Exercise inputs
>>>

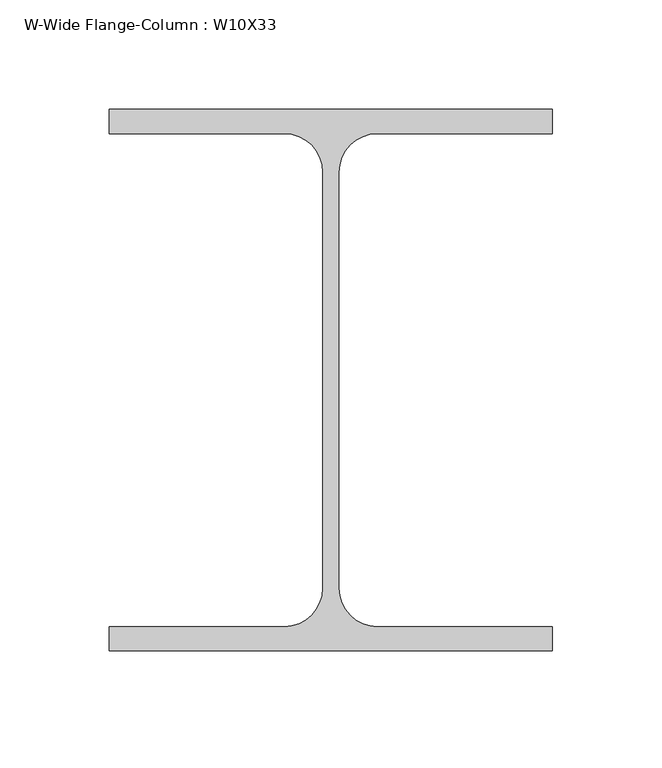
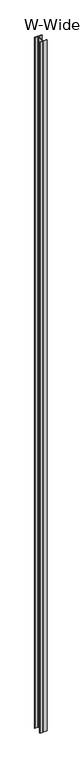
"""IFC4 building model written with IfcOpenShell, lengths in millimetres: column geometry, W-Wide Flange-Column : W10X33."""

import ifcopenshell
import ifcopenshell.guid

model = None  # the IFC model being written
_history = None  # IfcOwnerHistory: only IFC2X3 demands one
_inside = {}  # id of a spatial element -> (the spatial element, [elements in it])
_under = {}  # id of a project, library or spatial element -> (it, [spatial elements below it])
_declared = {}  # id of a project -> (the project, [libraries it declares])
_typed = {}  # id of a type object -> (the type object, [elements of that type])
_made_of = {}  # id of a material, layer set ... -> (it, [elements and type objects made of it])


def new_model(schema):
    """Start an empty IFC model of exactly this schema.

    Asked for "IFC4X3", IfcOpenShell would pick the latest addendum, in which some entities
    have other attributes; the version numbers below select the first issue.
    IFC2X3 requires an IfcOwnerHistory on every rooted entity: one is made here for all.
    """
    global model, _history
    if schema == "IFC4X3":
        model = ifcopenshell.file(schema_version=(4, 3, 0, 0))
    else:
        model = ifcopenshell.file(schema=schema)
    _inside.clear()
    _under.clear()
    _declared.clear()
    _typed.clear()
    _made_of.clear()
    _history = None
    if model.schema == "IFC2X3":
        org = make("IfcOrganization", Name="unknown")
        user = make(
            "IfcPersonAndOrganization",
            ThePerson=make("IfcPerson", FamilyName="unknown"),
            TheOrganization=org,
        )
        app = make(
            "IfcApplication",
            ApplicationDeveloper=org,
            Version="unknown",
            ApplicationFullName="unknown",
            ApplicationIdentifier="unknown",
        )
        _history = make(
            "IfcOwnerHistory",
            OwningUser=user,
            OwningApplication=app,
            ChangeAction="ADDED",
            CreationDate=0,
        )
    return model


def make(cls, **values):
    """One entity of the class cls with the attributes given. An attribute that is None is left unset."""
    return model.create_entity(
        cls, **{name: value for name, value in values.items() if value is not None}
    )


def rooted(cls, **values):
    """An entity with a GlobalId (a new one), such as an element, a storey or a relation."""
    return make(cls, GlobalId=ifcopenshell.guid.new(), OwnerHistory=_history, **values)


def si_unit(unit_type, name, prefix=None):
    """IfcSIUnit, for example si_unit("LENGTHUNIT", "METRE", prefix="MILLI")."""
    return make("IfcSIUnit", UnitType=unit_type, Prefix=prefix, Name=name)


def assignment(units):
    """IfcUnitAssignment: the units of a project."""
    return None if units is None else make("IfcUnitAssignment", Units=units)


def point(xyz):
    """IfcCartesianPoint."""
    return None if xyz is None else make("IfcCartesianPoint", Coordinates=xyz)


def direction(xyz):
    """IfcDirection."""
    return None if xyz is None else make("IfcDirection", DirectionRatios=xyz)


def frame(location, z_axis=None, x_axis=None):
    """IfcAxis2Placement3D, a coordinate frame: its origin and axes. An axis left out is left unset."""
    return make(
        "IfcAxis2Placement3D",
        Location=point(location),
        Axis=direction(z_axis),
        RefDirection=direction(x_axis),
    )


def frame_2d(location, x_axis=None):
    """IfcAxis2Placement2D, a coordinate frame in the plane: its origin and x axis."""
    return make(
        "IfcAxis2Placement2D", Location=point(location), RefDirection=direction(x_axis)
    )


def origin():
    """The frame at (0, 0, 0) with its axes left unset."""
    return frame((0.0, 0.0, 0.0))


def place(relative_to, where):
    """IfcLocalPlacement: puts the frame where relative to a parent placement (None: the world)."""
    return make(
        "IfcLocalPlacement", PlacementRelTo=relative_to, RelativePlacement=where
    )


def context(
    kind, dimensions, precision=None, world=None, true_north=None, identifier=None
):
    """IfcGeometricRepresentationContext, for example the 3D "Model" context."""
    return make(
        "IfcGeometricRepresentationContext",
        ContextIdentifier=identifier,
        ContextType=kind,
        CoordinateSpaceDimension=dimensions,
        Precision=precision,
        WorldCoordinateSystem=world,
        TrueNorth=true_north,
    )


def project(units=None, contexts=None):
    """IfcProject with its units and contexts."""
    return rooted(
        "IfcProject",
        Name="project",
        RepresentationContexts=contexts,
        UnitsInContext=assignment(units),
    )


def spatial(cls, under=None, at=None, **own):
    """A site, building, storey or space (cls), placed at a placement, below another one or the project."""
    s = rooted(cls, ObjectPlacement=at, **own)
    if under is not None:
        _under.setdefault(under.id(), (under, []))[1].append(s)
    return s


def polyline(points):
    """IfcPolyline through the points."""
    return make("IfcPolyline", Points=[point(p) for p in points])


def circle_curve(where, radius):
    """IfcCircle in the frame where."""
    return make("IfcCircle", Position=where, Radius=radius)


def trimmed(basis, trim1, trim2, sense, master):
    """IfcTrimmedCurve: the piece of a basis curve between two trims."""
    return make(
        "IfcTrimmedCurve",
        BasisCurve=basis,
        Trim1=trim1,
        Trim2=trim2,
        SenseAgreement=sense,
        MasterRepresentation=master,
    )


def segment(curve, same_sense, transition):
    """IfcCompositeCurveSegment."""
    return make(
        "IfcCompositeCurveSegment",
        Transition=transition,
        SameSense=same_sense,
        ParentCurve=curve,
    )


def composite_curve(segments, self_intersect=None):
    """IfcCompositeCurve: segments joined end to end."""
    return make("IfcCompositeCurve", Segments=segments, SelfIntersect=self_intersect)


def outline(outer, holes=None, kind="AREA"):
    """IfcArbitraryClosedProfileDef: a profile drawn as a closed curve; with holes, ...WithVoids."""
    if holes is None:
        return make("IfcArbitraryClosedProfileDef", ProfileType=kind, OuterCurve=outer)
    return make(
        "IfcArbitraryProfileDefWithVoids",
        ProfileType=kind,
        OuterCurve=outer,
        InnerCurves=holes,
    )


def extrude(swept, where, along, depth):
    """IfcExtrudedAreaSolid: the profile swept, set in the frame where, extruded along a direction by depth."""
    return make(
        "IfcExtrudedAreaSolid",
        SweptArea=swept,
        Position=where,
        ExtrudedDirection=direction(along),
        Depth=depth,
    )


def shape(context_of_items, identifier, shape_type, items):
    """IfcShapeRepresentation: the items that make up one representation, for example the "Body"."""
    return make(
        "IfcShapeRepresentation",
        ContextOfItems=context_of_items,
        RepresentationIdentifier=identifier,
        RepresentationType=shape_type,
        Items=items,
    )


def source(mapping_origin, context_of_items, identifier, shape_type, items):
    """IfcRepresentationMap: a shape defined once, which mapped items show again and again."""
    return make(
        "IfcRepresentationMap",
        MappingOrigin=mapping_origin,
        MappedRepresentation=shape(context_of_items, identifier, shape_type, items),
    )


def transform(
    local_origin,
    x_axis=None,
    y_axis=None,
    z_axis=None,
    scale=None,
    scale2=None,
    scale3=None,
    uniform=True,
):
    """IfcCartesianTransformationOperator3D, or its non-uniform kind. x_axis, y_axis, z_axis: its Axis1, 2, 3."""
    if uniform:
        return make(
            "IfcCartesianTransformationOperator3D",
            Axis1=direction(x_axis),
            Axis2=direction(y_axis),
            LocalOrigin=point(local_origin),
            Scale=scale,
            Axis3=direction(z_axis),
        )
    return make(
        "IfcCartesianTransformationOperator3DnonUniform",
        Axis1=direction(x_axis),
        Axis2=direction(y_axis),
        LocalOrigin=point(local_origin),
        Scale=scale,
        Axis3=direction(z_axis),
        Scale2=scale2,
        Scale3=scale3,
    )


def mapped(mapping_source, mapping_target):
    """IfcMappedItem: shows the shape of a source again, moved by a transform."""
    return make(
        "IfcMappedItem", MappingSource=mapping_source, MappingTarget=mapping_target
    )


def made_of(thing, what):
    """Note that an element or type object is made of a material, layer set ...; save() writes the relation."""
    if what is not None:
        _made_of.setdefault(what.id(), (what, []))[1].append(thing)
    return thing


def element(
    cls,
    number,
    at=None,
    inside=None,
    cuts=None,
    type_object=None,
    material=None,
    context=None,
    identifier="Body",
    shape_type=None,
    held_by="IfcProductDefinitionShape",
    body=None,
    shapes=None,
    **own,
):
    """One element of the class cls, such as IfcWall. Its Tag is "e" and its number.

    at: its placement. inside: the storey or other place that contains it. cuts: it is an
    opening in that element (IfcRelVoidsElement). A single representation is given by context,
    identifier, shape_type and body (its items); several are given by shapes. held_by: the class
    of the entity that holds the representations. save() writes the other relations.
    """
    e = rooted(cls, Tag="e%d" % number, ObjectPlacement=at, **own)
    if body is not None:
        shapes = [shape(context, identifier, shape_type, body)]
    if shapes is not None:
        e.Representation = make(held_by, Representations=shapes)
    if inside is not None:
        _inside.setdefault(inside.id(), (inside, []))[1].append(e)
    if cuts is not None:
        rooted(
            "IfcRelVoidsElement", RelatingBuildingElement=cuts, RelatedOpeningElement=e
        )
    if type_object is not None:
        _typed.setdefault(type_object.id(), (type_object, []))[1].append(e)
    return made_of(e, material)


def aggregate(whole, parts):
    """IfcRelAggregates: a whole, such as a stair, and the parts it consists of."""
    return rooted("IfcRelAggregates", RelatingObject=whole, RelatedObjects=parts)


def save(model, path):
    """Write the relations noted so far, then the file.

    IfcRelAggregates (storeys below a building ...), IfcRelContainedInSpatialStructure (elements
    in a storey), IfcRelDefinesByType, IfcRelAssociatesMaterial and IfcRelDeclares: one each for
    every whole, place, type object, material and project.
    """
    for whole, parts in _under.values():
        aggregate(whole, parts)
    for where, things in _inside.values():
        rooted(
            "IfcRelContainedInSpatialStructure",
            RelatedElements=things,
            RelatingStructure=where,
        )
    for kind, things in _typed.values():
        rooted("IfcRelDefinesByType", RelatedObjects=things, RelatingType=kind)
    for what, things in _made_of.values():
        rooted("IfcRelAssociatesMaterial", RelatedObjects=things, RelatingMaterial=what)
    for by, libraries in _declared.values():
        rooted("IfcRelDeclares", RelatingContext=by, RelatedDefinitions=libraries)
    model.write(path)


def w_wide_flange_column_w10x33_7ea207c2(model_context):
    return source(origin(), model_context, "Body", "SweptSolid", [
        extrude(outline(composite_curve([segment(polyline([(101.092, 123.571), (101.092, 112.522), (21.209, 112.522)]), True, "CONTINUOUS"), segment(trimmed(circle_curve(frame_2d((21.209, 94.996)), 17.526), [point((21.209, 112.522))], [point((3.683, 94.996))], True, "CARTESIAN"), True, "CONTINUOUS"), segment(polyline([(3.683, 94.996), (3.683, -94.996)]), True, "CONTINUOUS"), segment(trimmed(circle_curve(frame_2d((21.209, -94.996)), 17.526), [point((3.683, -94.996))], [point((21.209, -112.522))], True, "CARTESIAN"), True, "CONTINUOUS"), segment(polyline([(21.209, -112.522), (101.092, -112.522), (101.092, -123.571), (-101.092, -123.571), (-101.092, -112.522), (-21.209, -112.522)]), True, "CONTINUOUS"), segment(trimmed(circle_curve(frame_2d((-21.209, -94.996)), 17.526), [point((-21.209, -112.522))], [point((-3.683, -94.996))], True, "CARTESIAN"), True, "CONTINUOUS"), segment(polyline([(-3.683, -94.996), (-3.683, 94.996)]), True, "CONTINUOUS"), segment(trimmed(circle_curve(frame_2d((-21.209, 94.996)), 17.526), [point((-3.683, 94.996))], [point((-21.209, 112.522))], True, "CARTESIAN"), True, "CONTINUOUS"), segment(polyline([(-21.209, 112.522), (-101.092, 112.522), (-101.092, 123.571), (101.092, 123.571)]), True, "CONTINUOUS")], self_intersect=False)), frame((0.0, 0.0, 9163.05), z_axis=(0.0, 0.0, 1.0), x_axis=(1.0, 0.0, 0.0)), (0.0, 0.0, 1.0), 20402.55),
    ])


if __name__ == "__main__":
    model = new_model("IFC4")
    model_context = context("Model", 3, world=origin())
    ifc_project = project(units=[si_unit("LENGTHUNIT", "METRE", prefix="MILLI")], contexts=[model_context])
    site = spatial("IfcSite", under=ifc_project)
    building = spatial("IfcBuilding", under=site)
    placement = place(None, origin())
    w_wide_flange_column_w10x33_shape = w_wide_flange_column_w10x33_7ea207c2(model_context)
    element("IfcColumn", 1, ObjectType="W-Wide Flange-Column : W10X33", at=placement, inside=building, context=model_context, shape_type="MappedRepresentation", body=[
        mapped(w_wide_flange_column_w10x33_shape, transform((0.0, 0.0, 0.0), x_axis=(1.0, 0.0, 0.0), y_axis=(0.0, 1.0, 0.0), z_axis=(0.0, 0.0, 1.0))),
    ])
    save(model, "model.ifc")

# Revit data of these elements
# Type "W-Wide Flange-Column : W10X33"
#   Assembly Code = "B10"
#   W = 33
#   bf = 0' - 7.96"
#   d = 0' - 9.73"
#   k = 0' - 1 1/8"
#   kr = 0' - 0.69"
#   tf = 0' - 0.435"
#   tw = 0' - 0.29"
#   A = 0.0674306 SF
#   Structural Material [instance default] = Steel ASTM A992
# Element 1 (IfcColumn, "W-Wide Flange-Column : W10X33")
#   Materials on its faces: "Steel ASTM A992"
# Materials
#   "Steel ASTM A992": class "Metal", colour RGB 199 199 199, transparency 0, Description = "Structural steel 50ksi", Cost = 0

<<<

Your task
Give the number of lines in the listing that hold the word "shapes", with no other words.

Your solution
5